I am currently dealing with a moderately large dataframe called d.mkt
(> 2M
rows and 12
columns). As dplyr
is too slow when applying summarise()
function combined with group_by_at
, I am trying to write an equivalent statement using data.table
to speed up the summarise
computation part of dplyr
. However, the situation is quite special in the case that the original dataframe is group_by_at
and then summarising
over the same set of columns (e.g. X %>% select(-id) %>% group_by_at(vars(-x,-y,-z,-t) %>% summarise(x = sum(x), y = sum(y), z = sum(z), y = sum(t)) %>% ungroup()
).
With that in mind, below is my current attempt, which kept failing to work because of this error: keyby or by has length (1,1,1,1).

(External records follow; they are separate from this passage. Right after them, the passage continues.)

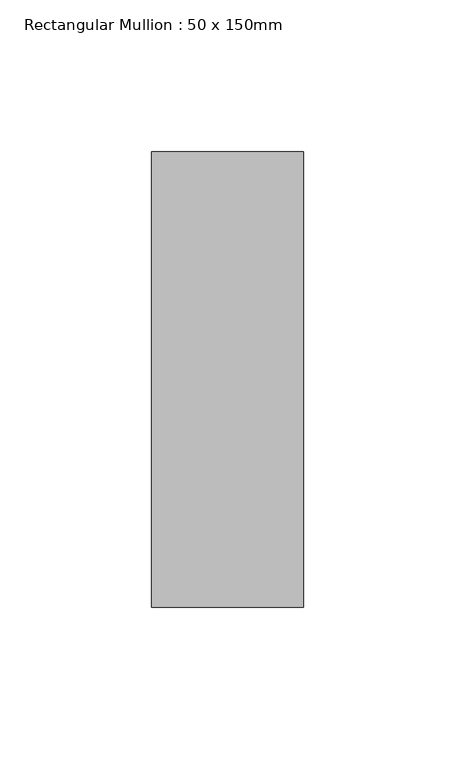
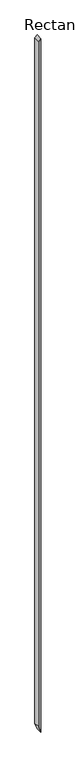
"""IFC4 building model written with IfcOpenShell, lengths in millimetres: member geometry, Rectangular Mullion : 50 x 150mm."""

from ifc_helpers import new_model, si_unit, frame, origin, place, context, project, spatial, polyline, outline, extrude, source, transform, mapped, element, save


def rectangular_mullion_50_x_150mm_d02c79f9(model_context):
    return source(origin(), model_context, "Body", "SweptSolid", [
        extrude(outline(polyline([(0.0, 0.0), (-53.1084457, -50.0), (-16559.0646109, -50.0), (-16709.3575071, 0.0), (0.0, 0.0)])), frame((0.0, -75.0, 0.0), z_axis=(0.0, 1.0, 0.0), x_axis=(0.0, 0.0, 1.0)), (0.0, 0.0, 1.0), 150.0),
    ])


if __name__ == "__main__":
    model = new_model("IFC4")
    model_context = context("Model", 3, world=origin())
    ifc_project = project(units=[si_unit("LENGTHUNIT", "METRE", prefix="MILLI")], contexts=[model_context])
    site = spatial("IfcSite", under=ifc_project)
    building = spatial("IfcBuilding", under=site)
    placement = place(None, origin())
    rectangular_mullion_50_x_150mm_shape = rectangular_mullion_50_x_150mm_d02c79f9(model_context)
    element("IfcMember", 1, ObjectType="Rectangular Mullion : 50 x 150mm", at=placement, inside=building, context=model_context, shape_type="MappedRepresentation", body=[
        mapped(rectangular_mullion_50_x_150mm_shape, transform((0.0, 0.0, 0.0), x_axis=(1.0, 0.0, 0.0), y_axis=(0.0, 1.0, 0.0), z_axis=(0.0, 0.0, 1.0))),
    ])
    save(model, "model.ifc")

# Revit data of these elements
# Type "Rectangular Mullion : 50 x 150mm"
#   built-in parameter 1007304 = 0.492126 (stored number, unit not read)
#   built-in parameter 1007301 = 0.082021 (stored number, unit not read)
#   built-in parameter 1007300 = 0.082021 (stored number, unit not read)
# Element 1 (IfcMember, "Rectangular Mullion : 50 x 150mm")
#   Materials on its faces: "Metal - Aluminium"
# Materials
#   "Metal - Aluminium": class "Metal", colour RGB 247 247 247, transparency 0
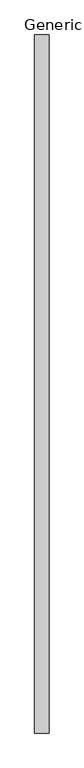
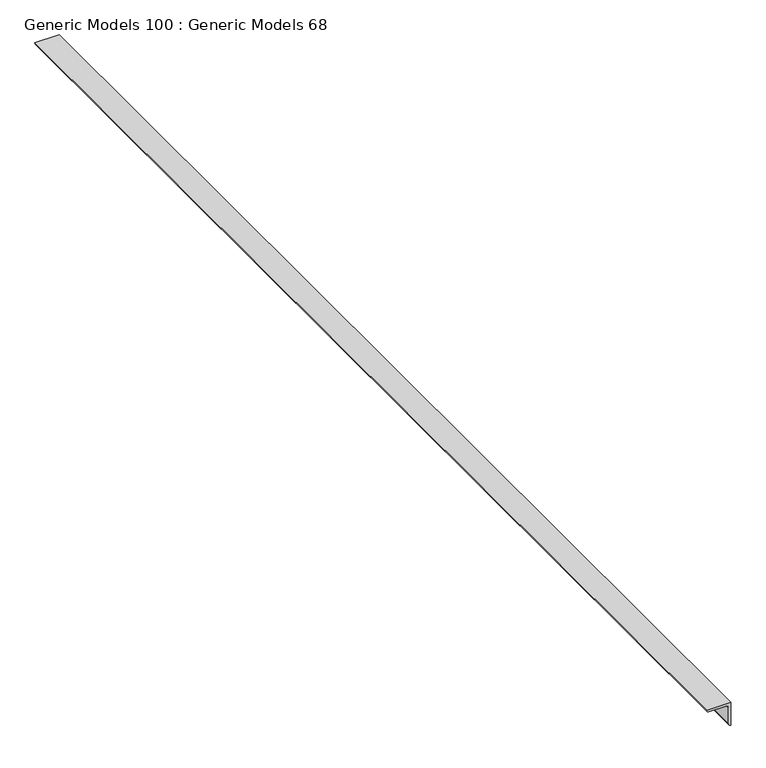
"""IFC4 building model written with IfcOpenShell, lengths in millimetres: proxy geometry, Generic Models 100 : Generic Models 68."""

from ifc_helpers import new_model, si_unit, point, frame, frame_2d, origin, place, context, project, spatial, polyline, circle_curve, trimmed, segment, composite_curve, outline, extrude, source, transform, mapped, element, save


def generic_models_100_generic_models_68_fff51ad1(model_context):
    return source(origin(), model_context, "Body", "SweptSolid", [
        extrude(outline(composite_curve([segment(polyline([(266004.6986952, 20503.9956945), (266004.6986952, 20440.4956945)]), True, "CONTINUOUS"), segment(trimmed(circle_curve(frame_2d((266004.6986952, 20446.8456945)), 6.35), [point((266004.6986952, 20440.4956945))], [point((265998.3486952, 20446.8456945))], False, "CARTESIAN"), True, "CONTINUOUS"), segment(polyline([(265998.3486952, 20446.8456945), (265998.3486952, 20491.2956945)]), True, "CONTINUOUS"), segment(trimmed(circle_curve(frame_2d((265991.9986952, 20491.2956945)), 6.35), [point((265998.3486952, 20491.2956945))], [point((265991.9986952, 20497.6456945))], True, "CARTESIAN"), True, "CONTINUOUS"), segment(polyline([(265991.9986952, 20497.6456945), (265947.5486952, 20497.6456945)]), True, "CONTINUOUS"), segment(trimmed(circle_curve(frame_2d((265947.5486952, 20503.9956945)), 6.35), [point((265947.5486952, 20497.6456945))], [point((265941.1986952, 20503.9956945))], False, "CARTESIAN"), True, "CONTINUOUS"), segment(polyline([(265941.1986952, 20503.9956945), (266004.6986952, 20503.9956945)]), True, "CONTINUOUS")], self_intersect=False)), frame((0.0, 18191.2264581, 0.0), z_axis=(0.0, 1.0, 0.0), x_axis=(0.0, 0.0, 1.0)), (0.0, 0.0, 1.0), 3048.0),
    ])


if __name__ == "__main__":
    model = new_model("IFC4")
    model_context = context("Model", 3, world=origin())
    ifc_project = project(units=[si_unit("LENGTHUNIT", "METRE", prefix="MILLI")], contexts=[model_context])
    site = spatial("IfcSite", under=ifc_project)
    building = spatial("IfcBuilding", under=site)
    placement = place(None, origin())
    generic_models_100_generic_models_68_shape = generic_models_100_generic_models_68_fff51ad1(model_context)
    element("IfcBuildingElementProxy", 1, Name="Generic Models 100 : Generic Models 68", ObjectType="Generic Models 100 : Generic Models 68", at=placement, inside=building, context=model_context, shape_type="MappedRepresentation", body=[
        mapped(generic_models_100_generic_models_68_shape, transform((0.0, 0.0, 0.0), x_axis=(1.0, 0.0, 0.0), y_axis=(0.0, 1.0, 0.0), z_axis=(0.0, 0.0, 1.0))),
    ])
    save(model, "model.ifc")

# Revit data of these elements
# Element 1 (IfcBuildingElementProxy, "Generic Models 100 : Generic Models 68")
#   Materials on its faces: "CAR DOOR RAIL: GALV. ANGLE L2 1/2 X 2 1/2 X 1/4\" @ 32\" ABOVE GRADE (PARALLEL TO HORTZ. WOOD TRIM)"
# Materials
#   "CAR DOOR RAIL: GALV. ANGLE L2 1/2 X 2 1/2 X 1/4\" @ 32\" ABOVE GRADE (PARALLEL TO HORTZ. WOOD TRIM)": class "Unassigned", colour RGB 211 211 211, transparency 0, Cost = 0

Could someone please help let me know how to fix this error?
dplyr's code
d.mkt <- d.mkt %>%
left_join(codes, by = c('rte_cd', 'cd')) %>%
mutate(is_valid = replace_na(is_valid, FALSE),
rte_cd = ifelse(is_valid, rte_cd, 'RC'),
rte_dsc = ifelse(is_valid, rte_dsc, 'SKIPPED')) %>%
select(-is_valid) %>%
group_by_at(vars(-c_rv, -g_rv, -h_rv, -rn)) %>%
summarise(c_rv = sum(as.numeric(c_rv)), g_rv = sum(as.numeric(g_rv)), h_rv = sum(as.numeric(h_rv)), rn = sum(as.numeric(rn))) %>%
ungroup()
My attempt for translating the above
d.mkt <- as.data.table(d.mkt)
d.mkt <- d.mkt[codes, on = c('rte_cd', 'sb_cd'),
`:=` (is.valid = replace_na(is_valid, FALSE), rte_cd = ifelse(is_valid, rte_cd, 'RC00'),
rte_ds = ifelse(is_valid, rte_ds, 'SKIPPED'))]
d.mkt <- d.mkt[, -"is.valid", with=FALSE]
d.mkt <- d.mkt[, .(c_rv=sum(c_rv), g_rv=sum(g_rv), h_rv = sum(h_rv), rn = sum(rn)), by = .('prop', 'date')] --- Error here already, but how do we ungroup a `data.table` though?